Input records.
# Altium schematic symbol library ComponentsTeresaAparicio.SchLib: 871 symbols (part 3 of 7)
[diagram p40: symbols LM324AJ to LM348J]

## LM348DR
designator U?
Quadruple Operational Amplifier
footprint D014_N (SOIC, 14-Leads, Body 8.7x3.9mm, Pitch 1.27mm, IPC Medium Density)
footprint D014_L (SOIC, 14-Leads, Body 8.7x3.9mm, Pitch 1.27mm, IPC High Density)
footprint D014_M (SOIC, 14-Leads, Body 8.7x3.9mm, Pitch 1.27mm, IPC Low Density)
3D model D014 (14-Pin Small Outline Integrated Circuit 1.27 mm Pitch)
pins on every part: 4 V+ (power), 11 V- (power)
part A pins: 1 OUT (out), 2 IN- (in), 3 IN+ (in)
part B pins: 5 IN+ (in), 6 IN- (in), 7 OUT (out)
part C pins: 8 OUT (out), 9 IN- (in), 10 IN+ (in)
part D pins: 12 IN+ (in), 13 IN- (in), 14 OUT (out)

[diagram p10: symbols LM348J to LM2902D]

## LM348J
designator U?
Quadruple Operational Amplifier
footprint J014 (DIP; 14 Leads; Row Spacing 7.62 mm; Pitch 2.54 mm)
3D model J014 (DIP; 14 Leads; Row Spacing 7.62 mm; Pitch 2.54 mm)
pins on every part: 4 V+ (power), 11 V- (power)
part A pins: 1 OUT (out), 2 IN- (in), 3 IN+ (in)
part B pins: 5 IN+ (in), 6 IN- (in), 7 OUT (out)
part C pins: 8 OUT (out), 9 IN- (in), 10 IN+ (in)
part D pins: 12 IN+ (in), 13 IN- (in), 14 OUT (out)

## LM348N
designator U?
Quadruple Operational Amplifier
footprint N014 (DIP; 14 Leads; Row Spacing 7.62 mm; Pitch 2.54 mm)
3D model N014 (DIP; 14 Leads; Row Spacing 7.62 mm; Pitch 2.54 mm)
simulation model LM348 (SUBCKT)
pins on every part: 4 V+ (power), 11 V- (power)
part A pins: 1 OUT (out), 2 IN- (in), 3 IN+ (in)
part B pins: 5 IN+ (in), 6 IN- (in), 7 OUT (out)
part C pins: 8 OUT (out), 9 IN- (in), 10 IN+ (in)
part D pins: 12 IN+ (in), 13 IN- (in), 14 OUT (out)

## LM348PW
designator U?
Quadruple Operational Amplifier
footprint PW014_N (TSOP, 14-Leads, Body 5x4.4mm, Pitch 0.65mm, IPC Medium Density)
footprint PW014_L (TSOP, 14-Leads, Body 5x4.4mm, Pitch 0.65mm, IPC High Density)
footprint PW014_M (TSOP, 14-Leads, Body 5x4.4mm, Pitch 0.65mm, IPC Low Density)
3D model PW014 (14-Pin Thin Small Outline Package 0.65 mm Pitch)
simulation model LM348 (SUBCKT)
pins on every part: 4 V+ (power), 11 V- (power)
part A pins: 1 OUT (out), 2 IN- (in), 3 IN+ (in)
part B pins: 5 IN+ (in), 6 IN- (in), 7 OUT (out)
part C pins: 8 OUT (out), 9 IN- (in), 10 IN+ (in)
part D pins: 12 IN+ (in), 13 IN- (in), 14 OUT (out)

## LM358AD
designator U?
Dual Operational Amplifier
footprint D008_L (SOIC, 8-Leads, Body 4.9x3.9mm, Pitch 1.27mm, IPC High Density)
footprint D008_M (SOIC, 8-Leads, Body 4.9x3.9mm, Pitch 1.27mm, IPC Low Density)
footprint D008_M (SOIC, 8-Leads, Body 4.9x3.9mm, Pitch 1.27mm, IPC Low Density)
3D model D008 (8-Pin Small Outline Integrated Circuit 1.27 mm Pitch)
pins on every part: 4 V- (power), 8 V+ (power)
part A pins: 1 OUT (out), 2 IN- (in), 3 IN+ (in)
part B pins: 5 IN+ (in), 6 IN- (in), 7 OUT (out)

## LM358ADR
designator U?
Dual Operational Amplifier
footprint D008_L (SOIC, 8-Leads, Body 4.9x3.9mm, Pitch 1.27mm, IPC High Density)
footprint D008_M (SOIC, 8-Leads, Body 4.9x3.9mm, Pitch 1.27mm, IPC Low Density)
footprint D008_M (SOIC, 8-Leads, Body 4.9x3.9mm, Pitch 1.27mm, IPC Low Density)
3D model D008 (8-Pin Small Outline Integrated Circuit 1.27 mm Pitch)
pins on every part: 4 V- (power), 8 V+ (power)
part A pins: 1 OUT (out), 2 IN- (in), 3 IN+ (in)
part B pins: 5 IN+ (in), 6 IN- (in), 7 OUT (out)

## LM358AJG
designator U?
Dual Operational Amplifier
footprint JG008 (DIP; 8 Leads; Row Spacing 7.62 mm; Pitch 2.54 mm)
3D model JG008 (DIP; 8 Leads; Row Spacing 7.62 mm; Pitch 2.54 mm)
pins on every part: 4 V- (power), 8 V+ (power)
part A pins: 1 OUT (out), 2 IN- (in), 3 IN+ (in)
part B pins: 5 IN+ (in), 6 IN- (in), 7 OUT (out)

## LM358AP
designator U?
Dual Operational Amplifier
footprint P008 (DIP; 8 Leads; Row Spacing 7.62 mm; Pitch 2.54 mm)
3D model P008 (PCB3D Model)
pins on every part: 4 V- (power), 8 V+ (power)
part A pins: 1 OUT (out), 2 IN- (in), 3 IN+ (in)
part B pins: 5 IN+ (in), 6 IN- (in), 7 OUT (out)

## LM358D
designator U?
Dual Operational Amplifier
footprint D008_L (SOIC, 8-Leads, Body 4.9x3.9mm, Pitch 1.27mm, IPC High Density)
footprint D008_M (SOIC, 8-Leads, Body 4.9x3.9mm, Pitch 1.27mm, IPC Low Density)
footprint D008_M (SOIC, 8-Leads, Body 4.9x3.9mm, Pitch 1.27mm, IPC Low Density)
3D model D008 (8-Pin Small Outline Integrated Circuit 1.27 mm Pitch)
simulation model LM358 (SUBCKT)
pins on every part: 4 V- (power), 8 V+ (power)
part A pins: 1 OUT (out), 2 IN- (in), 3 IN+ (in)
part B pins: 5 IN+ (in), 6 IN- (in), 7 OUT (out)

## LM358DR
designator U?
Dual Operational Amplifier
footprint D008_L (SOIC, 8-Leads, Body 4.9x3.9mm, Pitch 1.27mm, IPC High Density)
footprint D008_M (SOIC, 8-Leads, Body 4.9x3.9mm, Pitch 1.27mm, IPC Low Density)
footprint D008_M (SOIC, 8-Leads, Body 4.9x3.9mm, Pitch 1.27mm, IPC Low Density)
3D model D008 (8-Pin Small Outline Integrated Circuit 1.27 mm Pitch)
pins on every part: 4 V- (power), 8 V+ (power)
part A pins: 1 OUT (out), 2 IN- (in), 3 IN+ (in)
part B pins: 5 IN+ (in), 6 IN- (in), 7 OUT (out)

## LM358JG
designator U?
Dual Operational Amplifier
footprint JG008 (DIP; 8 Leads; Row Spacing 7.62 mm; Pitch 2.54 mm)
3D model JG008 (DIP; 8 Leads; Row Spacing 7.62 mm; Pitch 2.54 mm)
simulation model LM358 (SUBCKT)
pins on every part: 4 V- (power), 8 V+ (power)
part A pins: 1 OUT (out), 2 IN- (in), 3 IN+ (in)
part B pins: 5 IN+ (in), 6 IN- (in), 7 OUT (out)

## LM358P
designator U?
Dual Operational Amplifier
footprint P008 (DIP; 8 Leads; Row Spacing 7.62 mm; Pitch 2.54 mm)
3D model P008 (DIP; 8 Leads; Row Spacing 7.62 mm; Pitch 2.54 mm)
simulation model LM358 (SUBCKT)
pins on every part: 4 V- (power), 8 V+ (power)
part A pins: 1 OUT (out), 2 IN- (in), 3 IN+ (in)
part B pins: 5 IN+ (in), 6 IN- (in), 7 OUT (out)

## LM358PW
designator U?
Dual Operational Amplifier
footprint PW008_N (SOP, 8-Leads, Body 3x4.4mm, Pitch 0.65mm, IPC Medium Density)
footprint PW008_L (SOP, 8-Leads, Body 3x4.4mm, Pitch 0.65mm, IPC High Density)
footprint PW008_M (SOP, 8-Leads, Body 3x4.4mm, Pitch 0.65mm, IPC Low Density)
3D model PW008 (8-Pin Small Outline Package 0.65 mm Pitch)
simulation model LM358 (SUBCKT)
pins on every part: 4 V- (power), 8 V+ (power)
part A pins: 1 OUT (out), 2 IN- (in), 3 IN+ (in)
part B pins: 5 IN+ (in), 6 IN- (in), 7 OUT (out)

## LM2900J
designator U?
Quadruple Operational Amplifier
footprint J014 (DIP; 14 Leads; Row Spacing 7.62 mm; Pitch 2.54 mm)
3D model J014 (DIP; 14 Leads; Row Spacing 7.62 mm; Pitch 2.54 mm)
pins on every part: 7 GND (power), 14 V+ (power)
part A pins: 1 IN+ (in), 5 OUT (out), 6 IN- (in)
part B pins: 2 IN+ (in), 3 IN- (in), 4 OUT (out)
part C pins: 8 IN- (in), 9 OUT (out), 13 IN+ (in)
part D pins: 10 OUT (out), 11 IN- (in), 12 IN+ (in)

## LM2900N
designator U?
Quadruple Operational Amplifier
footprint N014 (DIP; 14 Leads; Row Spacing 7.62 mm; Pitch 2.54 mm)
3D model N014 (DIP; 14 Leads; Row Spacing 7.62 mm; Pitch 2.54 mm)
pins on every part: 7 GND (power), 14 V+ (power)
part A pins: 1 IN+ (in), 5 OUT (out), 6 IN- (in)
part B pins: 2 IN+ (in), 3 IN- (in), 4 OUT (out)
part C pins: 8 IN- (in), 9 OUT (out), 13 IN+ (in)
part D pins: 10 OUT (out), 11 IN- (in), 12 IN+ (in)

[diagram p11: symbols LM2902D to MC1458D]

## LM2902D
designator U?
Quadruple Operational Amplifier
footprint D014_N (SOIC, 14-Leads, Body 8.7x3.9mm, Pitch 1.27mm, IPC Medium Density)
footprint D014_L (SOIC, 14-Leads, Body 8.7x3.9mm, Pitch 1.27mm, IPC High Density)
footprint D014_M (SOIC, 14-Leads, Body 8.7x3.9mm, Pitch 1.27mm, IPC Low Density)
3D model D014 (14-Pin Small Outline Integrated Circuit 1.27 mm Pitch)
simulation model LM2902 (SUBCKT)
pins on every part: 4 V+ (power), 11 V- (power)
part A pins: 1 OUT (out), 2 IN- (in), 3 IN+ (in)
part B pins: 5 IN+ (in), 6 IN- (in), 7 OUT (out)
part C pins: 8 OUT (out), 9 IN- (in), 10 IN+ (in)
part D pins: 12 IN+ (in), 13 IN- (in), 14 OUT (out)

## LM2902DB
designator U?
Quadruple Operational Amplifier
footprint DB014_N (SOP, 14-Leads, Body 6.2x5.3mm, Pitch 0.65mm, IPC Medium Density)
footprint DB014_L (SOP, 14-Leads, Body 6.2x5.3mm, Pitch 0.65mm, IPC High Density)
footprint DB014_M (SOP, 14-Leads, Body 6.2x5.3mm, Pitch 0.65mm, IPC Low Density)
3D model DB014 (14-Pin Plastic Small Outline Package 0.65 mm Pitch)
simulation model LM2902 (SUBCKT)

Assigned task. Could you return all lines from the records that include the word "Medium"?

Answer to this exercise.
footprint D014_N (SOIC, 14-Leads, Body 8.7x3.9mm, Pitch 1.27mm, IPC Medium Density)
footprint PW014_N (TSOP, 14-Leads, Body 5x4.4mm, Pitch 0.65mm, IPC Medium Density)
footprint PW008_N (SOP, 8-Leads, Body 3x4.4mm, Pitch 0.65mm, IPC Medium Density)
footprint D014_N (SOIC, 14-Leads, Body 8.7x3.9mm, Pitch 1.27mm, IPC Medium Density)
footprint DB014_N (SOP, 14-Leads, Body 6.2x5.3mm, Pitch 0.65mm, IPC Medium Density)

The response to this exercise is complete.